---------- DATA EXTRACT

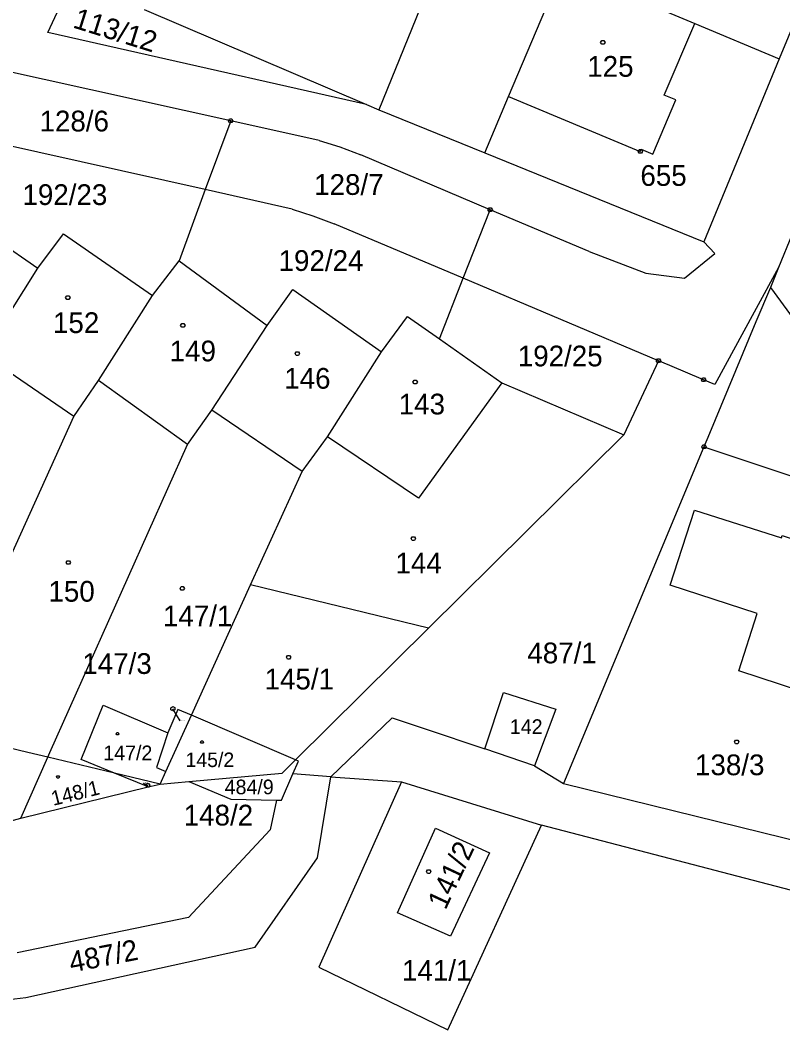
# Model space of a CAD drawing. Extents: x -634640 to -629202, y -1196156 to -1190068.
# Drawn here: x -631329.8 to -631267.3, y -1192911.1 to -1192828.3 of the extents above; entities that cross this region are included whole.
import ezdxf

# ---------------------------------------------------------------- set-up
doc = ezdxf.new("R2010")
doc.units = 0
for name, color, linetype in [('Vrstva 1', 7, 'Continuous'), ('Vrstva 2', 7, 'Continuous'), ('Vrstva 3', 7, 'Continuous'), ('Vrstva 4', 7, 'Continuous'), ('Vrstva 5', 7, 'Continuous'), ('Vrstva 7', 7, 'Continuous'), ('Vrstva 8', 7, 'Continuous')]:
    doc.layers.add(name, color=color, linetype=linetype)

msp = doc.modelspace()

# ---------------------------------------------------------------- linework, layer by layer
at = {"layer": 'Vrstva 1'}
for p, q in [((-631293.39, -1192818.39), (-631300.37, -1192835.66)), ((-631263.19, -1192820.82), (-631267.58, -1192831.48)), ((-631289.75, -1192834.57), (-631285.31, -1192824.07)), ((-631285.31, -1192824.07), (-631274.5, -1192828.59)), ((-631327.48, -1192829.33), (-631325.8, -1192825.72)), ((-631319.61, -1192827.44), (-631301.4, -1192835.22)), ((-631274.5, -1192828.59), (-631267.58, -1192831.48)), ((-631301.4, -1192835.22), (-631327.48, -1192829.33)), ((-631312.51, -1192836.56), (-631336.95, -1192831.15)), ((-631267.58, -1192831.48), (-631273.75, -1192846.48)), ((-631291.69, -1192839.19), (-631289.75, -1192834.57)), ((-631301.4, -1192835.22), (-631300.37, -1192835.66)), ((-631300.37, -1192835.66), (-631291.69, -1192839.19)), ((-631312.51, -1192836.56), (-631314.59, -1192842.21)), ((-631305.25, -1192838.17), (-631312.51, -1192836.56)), ((-631314.59, -1192842.21), (-631338.91, -1192836.76)), ((-631305.25, -1192838.17), (-631303.56, -1192838.71)), ((-631303.56, -1192838.71), (-631301.84, -1192839.37)), ((-631291.26, -1192843.85), (-631301.84, -1192839.37)), ((-631291.69, -1192839.19), (-631273.75, -1192846.48)), ((-631264.19, -1192840.11), (-631267.63, -1192848.59)), ((-631314.59, -1192842.21), (-631316.74, -1192848.05)), ((-631307.48, -1192843.81), (-631314.59, -1192842.21)), ((-631335.61, -1192843.59), (-631328.31, -1192848.64)), ((-631307.48, -1192843.81), (-631305.77, -1192844.36)), ((-631293.47, -1192849.47), (-631291.26, -1192843.85)), ((-631283.15, -1192847.29), (-631291.26, -1192843.85)), ((-631305.77, -1192844.36), (-631304.03, -1192845.01)), ((-631293.47, -1192849.47), (-631304.03, -1192845.01)), ((-631328.31, -1192848.64), (-631326.19, -1192845.82)), ((-631326.19, -1192845.82), (-631318.91, -1192850.88)), ((-631273.75, -1192846.48), (-631272.87, -1192847.44)), ((-631283.15, -1192847.29), (-631278.52, -1192849.04)), ((-631318.91, -1192850.88), (-631316.74, -1192848.05)), ((-631316.74, -1192848.05), (-631309.51, -1192853.33)), ((-631275.35, -1192849.45), (-631272.87, -1192847.44)), ((-631332.76, -1192855.73), (-631328.31, -1192848.64)), ((-631267.63, -1192848.59), (-631269.63, -1192852.26)), ((-631267.63, -1192848.59), (-631268.31, -1192850.22)), ((-631295.42, -1192854.44), (-631293.47, -1192849.47)), ((-631277.47, -1192856.23), (-631293.47, -1192849.47)), ((-631278.52, -1192849.04), (-631275.35, -1192849.45)), ((-631309.51, -1192853.33), (-631307.43, -1192850.39)), ((-631307.43, -1192850.39), (-631300.16, -1192855.5)), ((-631268.31, -1192850.22), (-631269.49, -1192853.05)), ((-631268.31, -1192850.22), (-631262.93, -1192857.61)), ((-631323.34, -1192857.84), (-631318.91, -1192850.88)), ((-631269.63, -1192852.26), (-631272.86, -1192858.17)), ((-631300.16, -1192855.5), (-631298.04, -1192852.61)), ((-631298.04, -1192852.61), (-631295.42, -1192854.44)), ((-631269.49, -1192853.05), (-631273.44, -1192862.53)), ((-631314.05, -1192860.28), (-631309.51, -1192853.33)), ((-631295.42, -1192854.44), (-631290.3, -1192858.03)), ((-631304.59, -1192862.47), (-631300.16, -1192855.5)), ((-631325.37, -1192860.81), (-631332.76, -1192855.73)), ((-631277.47, -1192856.23), (-631280.32, -1192862.29)), ((-631276.55, -1192856.62), (-631277.47, -1192856.23)), ((-631273.78, -1192857.78), (-631276.55, -1192856.62)), ((-631325.37, -1192860.81), (-631323.34, -1192857.84)), ((-631316.06, -1192863.08), (-631323.34, -1192857.84)), ((-631290.3, -1192858.03), (-631297.14, -1192867.48)), ((-631290.3, -1192858.03), (-631280.32, -1192862.29)), ((-631272.86, -1192858.17), (-631273.78, -1192857.78)), ((-631316.06, -1192863.08), (-631314.05, -1192860.28)), ((-631306.66, -1192865.3), (-631314.05, -1192860.28)), ((-631336.95, -1192886.45), (-631325.37, -1192860.81)), ((-631306.66, -1192865.3), (-631304.59, -1192862.47)), ((-631297.14, -1192867.48), (-631304.59, -1192862.47)), ((-631280.32, -1192862.29), (-631296.31, -1192878.13)), ((-631273.44, -1192862.53), (-631273.75, -1192863.28)), ((-631327.31, -1192888.34), (-631316.06, -1192863.08)), ((-631273.75, -1192863.28), (-631285.25, -1192890.88)), ((-631273.75, -1192863.28), (-631250.78, -1192870.94)), ((-631310.88, -1192874.59), (-631306.66, -1192865.3)), ((-631315.73, -1192885.28), (-631310.88, -1192874.59)), ((-631296.31, -1192878.13), (-631310.88, -1192874.59)), ((-631296.31, -1192878.13), (-631307.2, -1192888.92)), ((-631291.7, -1192888.04), (-631290.17, -1192883.4)), ((-631290.17, -1192883.4), (-631285.88, -1192884.79)), ((-631324.75, -1192888.91), (-631322.96, -1192884.44)), ((-631322.96, -1192884.44), (-631317.65, -1192886.71)), ((-631317.83, -1192889.89), (-631315.73, -1192885.28)), ((-631316.84, -1192884.81), (-631317.65, -1192886.71)), ((-631315.73, -1192885.28), (-631316.84, -1192884.81)), ((-631307.2, -1192888.92), (-631315.73, -1192885.28)), ((-631285.88, -1192884.79), (-631287.63, -1192889.41)), ((-631304.31, -1192890.31), (-631299.28, -1192885.49)), ((-631299.28, -1192885.49), (-631296.59, -1192886.39)), ((-631329.13, -1192888.32), (-631336.95, -1192886.45)), ((-631317.65, -1192886.71), (-631318.59, -1192889.57)), ((-631296.59, -1192886.39), (-631291.7, -1192888.04)), ((-631327.48, -1192888.72), (-631329.13, -1192888.32)), ((-631327.48, -1192888.72), (-631327.31, -1192888.34)), ((-631287.63, -1192889.41), (-631291.7, -1192888.04)), ((-631329.7, -1192893.71), (-631327.48, -1192888.72)), ((-631322.02, -1192890.02), (-631327.48, -1192888.72)), ((-631322.02, -1192890.02), (-631324.75, -1192888.91)), ((-631307.2, -1192888.92), (-631308.3, -1192890.01)), ((-631307.41, -1192890.08), (-631306.96, -1192889.03)), ((-631306.96, -1192889.03), (-631307.2, -1192888.92)), ((-631287.63, -1192889.41), (-631285.25, -1192890.88)), ((-631319.08, -1192890.72), (-631322.02, -1192890.02)), ((-631319.26, -1192891.15), (-631322.02, -1192890.02)), ((-631318.59, -1192889.57), (-631317.83, -1192889.89)), ((-631318.29, -1192890.91), (-631317.83, -1192889.89)), ((-631315.93, -1192890.7), (-631308.3, -1192890.01)), ((-631308.34, -1192892.24), (-631307.41, -1192890.08)), ((-631304.31, -1192890.31), (-631307.41, -1192890.08)), ((-631305.4, -1192896.96), (-631304.31, -1192890.31)), ((-631304.31, -1192890.31), (-631298.53, -1192890.73)), ((-631329.7, -1192893.71), (-631319.26, -1192891.15)), ((-631319.26, -1192891.15), (-631318.29, -1192890.91)), ((-631318.29, -1192890.91), (-631319.08, -1192890.72)), ((-631318.29, -1192890.91), (-631315.93, -1192890.7)), ((-631315.93, -1192890.7), (-631312.49, -1192892.16)), ((-631298.53, -1192890.73), (-631305.28, -1192905.91)), ((-631298.53, -1192890.73), (-631287.05, -1192894.28)), ((-631285.25, -1192890.88), (-631260.27, -1192897.02)), ((-631312.49, -1192892.16), (-631308.76, -1192892.23)), ((-631308.76, -1192892.23), (-631309.27, -1192894.67)), ((-631308.76, -1192892.23), (-631308.34, -1192892.24)), ((-631333.21, -1192894.65), (-631329.7, -1192893.71)), ((-631294.72, -1192911.05), (-631287.05, -1192894.28)), ((-631251.75, -1192903.51), (-631287.05, -1192894.28)), ((-631309.27, -1192894.67), (-631315.97, -1192901.85)), ((-631298.84, -1192901.46), (-631295.74, -1192894.53)), ((-631295.74, -1192894.53), (-631291.3, -1192896.54)), ((-631310.5, -1192904.28), (-631305.4, -1192896.96)), ((-631291.3, -1192896.54), (-631294.5, -1192903.38)), ((-631315.97, -1192901.85), (-631329.99, -1192904.74)), ((-631294.5, -1192903.38), (-631298.84, -1192901.46)), ((-631329.28, -1192908.41), (-631310.5, -1192904.28)), ((-631305.28, -1192905.91), (-631294.72, -1192911.05)), ((-631346.99, -1192910.33), (-631329.28, -1192908.41))]:
    msp.add_line(p, q, dxfattribs=at)
msp.add_lwpolyline([(-631274.53, -1192868.46), (-631267.39, -1192870.73), (-631267.33, -1192870.54), (-631255.28, -1192874.49), (-631258.9, -1192885.58), (-631270.88, -1192881.64), (-631269.4, -1192876.94), (-631276.51, -1192874.62), (-631274.53, -1192868.46)], dxfattribs=at)
at = {"layer": 'Vrstva 3'}
for points in [[(-631297.46, -1192870.65), (-631297.37, -1192870.8), (-631297.46, -1192870.95), (-631297.64, -1192870.95), (-631297.73, -1192870.8), (-631297.64, -1192870.65), (-631297.46, -1192870.65)], [(-631325.71, -1192872.61), (-631325.62, -1192872.76), (-631325.71, -1192872.91), (-631325.89, -1192872.91), (-631325.98, -1192872.76), (-631325.89, -1192872.61), (-631325.71, -1192872.61)], [(-631316.39, -1192874.73), (-631316.3, -1192874.88), (-631316.39, -1192875.03), (-631316.57, -1192875.03), (-631316.66, -1192874.88), (-631316.57, -1192874.73), (-631316.39, -1192874.73)], [(-631307.68, -1192880.38), (-631307.59, -1192880.53), (-631307.68, -1192880.68), (-631307.86, -1192880.68), (-631307.95, -1192880.53), (-631307.86, -1192880.38), (-631307.68, -1192880.38)], [(-631321.72, -1192886.69), (-631321.659, -1192886.79), (-631321.72, -1192886.89), (-631321.84, -1192886.89), (-631321.901, -1192886.79), (-631321.84, -1192886.69), (-631321.72, -1192886.69)], [(-631314.8, -1192887.37), (-631314.739, -1192887.47), (-631314.8, -1192887.57), (-631314.92, -1192887.57), (-631314.981, -1192887.47), (-631314.92, -1192887.37), (-631314.8, -1192887.37)], [(-631270.98, -1192887.31), (-631270.89, -1192887.46), (-631270.98, -1192887.61), (-631271.16, -1192887.61), (-631271.25, -1192887.46), (-631271.16, -1192887.31), (-631270.98, -1192887.31)], [(-631326.59, -1192890.23), (-631326.529, -1192890.33), (-631326.59, -1192890.43), (-631326.71, -1192890.43), (-631326.771, -1192890.33), (-631326.71, -1192890.23), (-631326.59, -1192890.23)]]:
    msp.add_lwpolyline(points, dxfattribs=at)
at = {"layer": 'Vrstva 4'}
for p, q in [((-631277, -1192834.46), (-631274.5, -1192828.59)), ((-631289.75, -1192834.57), (-631278.96, -1192839.08)), ((-631277.94, -1192839.29), (-631276.06, -1192834.86)), ((-631276.06, -1192834.86), (-631277, -1192834.46)), ((-631278.96, -1192839.08), (-631278.88, -1192838.89)), ((-631278.88, -1192838.89), (-631277.94, -1192839.29))]:
    msp.add_line(p, q, dxfattribs=at)
at = {"layer": 'Vrstva 5'}
for points in [[(-631281.94, -1192830), (-631281.85, -1192830.15), (-631281.94, -1192830.3), (-631282.12, -1192830.3), (-631282.21, -1192830.15), (-631282.12, -1192830), (-631281.94, -1192830)], [(-631325.76, -1192850.91), (-631325.67, -1192851.06), (-631325.76, -1192851.21), (-631325.94, -1192851.21), (-631326.03, -1192851.06), (-631325.94, -1192850.91), (-631325.76, -1192850.91)], [(-631316.34, -1192853.19), (-631316.25, -1192853.34), (-631316.34, -1192853.49), (-631316.52, -1192853.49), (-631316.61, -1192853.34), (-631316.52, -1192853.19), (-631316.34, -1192853.19)], [(-631306.96, -1192855.49), (-631306.87, -1192855.64), (-631306.96, -1192855.79), (-631307.14, -1192855.79), (-631307.23, -1192855.64), (-631307.14, -1192855.49), (-631306.96, -1192855.49)], [(-631297.31, -1192857.83), (-631297.22, -1192857.98), (-631297.31, -1192858.13), (-631297.49, -1192858.13), (-631297.58, -1192857.98), (-631297.49, -1192857.83), (-631297.31, -1192857.83)], [(-631296.2, -1192897.94), (-631296.11, -1192898.09), (-631296.2, -1192898.24), (-631296.38, -1192898.24), (-631296.47, -1192898.09), (-631296.38, -1192897.94), (-631296.2, -1192897.94)]]:
    msp.add_lwpolyline(points, dxfattribs=at)
at = {"layer": 'Vrstva 7'}
for p, q in [((-631316.65, -1192885.74), (-631317.25, -1192884.74)), ((-631319.68, -1192890.85), (-631319.3, -1192891.02))]:
    msp.add_line(p, q, dxfattribs=at)
for points in [[(-631317.25, -1192884.565), (-631317.096, -1192884.647), (-631317.096, -1192884.822), (-631317.25, -1192884.915), (-631317.404, -1192884.833), (-631317.404, -1192884.658), (-631317.25, -1192884.565)], [(-631319.198, -1192891.162), (-631319.371, -1192891.185), (-631319.473, -1192891.043), (-631319.402, -1192890.878), (-631319.229, -1192890.855), (-631319.127, -1192890.997), (-631319.198, -1192891.162)]]:
    msp.add_lwpolyline(points, dxfattribs=at)
at = {"layer": 'Vrstva 8'}
for points in [[(-631312.42, -1192836.41), (-631312.33, -1192836.56), (-631312.42, -1192836.71), (-631312.6, -1192836.71), (-631312.69, -1192836.56), (-631312.6, -1192836.41), (-631312.42, -1192836.41)], [(-631278.87, -1192838.93), (-631278.78, -1192839.08), (-631278.87, -1192839.23), (-631279.05, -1192839.23), (-631279.14, -1192839.08), (-631279.05, -1192838.93), (-631278.87, -1192838.93)], [(-631291.17, -1192843.7), (-631291.08, -1192843.85), (-631291.17, -1192844), (-631291.35, -1192844), (-631291.44, -1192843.85), (-631291.35, -1192843.7), (-631291.17, -1192843.7)], [(-631277.38, -1192856.08), (-631277.29, -1192856.23), (-631277.38, -1192856.38), (-631277.56, -1192856.38), (-631277.65, -1192856.23), (-631277.56, -1192856.08), (-631277.38, -1192856.08)], [(-631273.69, -1192857.63), (-631273.6, -1192857.78), (-631273.69, -1192857.93), (-631273.87, -1192857.93), (-631273.96, -1192857.78), (-631273.87, -1192857.63), (-631273.69, -1192857.63)], [(-631273.66, -1192863.13), (-631273.57, -1192863.28), (-631273.66, -1192863.43), (-631273.84, -1192863.43), (-631273.93, -1192863.28), (-631273.84, -1192863.13), (-631273.66, -1192863.13)]]:
    msp.add_lwpolyline(points, dxfattribs=at)

# ---------------------------------------------------------------- texts
at = {"layer": 'Vrstva 2'}
for s, height, rotation, p in [('113/12', 1.7, 342.62876, (-631325.515, -1192828.907)), ('148/1', 1.2, 13.86558, (-631327.051, -1192892.704)), ('141/2', 1.7, 64.91612, (-631294.914, -1192901.294)), ('487/2', 1.7, 10.94349, (-631325.567, -1192906.365))]:
    msp.add_text(s, height=height, rotation=rotation, dxfattribs=at).set_placement(p)
for s, height, p in [('125', 1.7, (-631283.307, -1192832.96)), ('128/6', 1.7, (-631328.167, -1192837.44)), ('128/7', 1.7, (-631305.677, -1192842.64)), ('192/23', 1.7, (-631329.567, -1192843.47)), ('192/24', 1.7, (-631308.587, -1192848.87)), ('152', 1.7, (-631327.067, -1192853.96)), ('149', 1.7, (-631317.507, -1192856.28)), ('192/25', 1.7, (-631288.997, -1192856.69)), ('146', 1.7, (-631308.127, -1192858.52)), ('143', 1.7, (-631298.747, -1192860.63)), ('144', 1.7, (-631299.017, -1192873.66)), ('150', 1.7, (-631327.437, -1192875.97)), ('147/1', 1.7, (-631318.057, -1192877.99)), ('487/1', 1.7, (-631288.213, -1192881.02)), ('145/1', 1.7, (-631309.737, -1192883.16)), ('147/3', 0.1, (-631316.627, -1192885.74)), ('142', 1.2, (-631289.643, -1192886.81)), ('147/2', 1.2, (-631322.943, -1192888.96)), ('145/2', 1.19, (-631316.205, -1192889.52)), ('138/3', 1.7, (-631274.48, -1192890.19)), ('148/2', 0.1, (-631319.657, -1192890.85)), ('484/9', 1.2, (-631313.002, -1192891.75)), ('141/1', 1.7, (-631298.477, -1192907.03))]:
    msp.add_text(s, height=height, dxfattribs=at).set_placement(p)
at = {"layer": 'Vrstva 7'}
for s, p in [('147/3', (-631324.662, -1192881.89)), ('148/2', (-631316.357, -1192894.31))]:
    msp.add_text(s, height=1.7, dxfattribs=at).set_placement(p)
at = {"layer": 'Vrstva 8'}
msp.add_text('655', height=1.7, dxfattribs=at).set_placement((-631278.953, -1192841.9))

doc.saveas('drawing.dxf')

--------------------

PROBLEM DESCRIPTION: Give again exactly the lines running from the beginning of the material above through the line that contains "for name, color, linetype", and leave out every picture.

RESPONSE AREA:
# Model space of a CAD drawing. Extents: x -634640 to -629202, y -1196156 to -1190068.
# Drawn here: x -631329.8 to -631267.3, y -1192911.1 to -1192828.3 of the extents above; entities that cross this region are included whole.
import ezdxf

# ---------------------------------------------------------------- set-up
doc = ezdxf.new("R2010")
doc.units = 0
for name, color, linetype in [('Vrstva 1', 7, 'Continuous'), ('Vrstva 2', 7, 'Continuous'), ('Vrstva 3', 7, 'Continuous'), ('Vrstva 4', 7, 'Continuous'), ('Vrstva 5', 7, 'Continuous'), ('Vrstva 7', 7, 'Continuous'), ('Vrstva 8', 7, 'Continuous')]:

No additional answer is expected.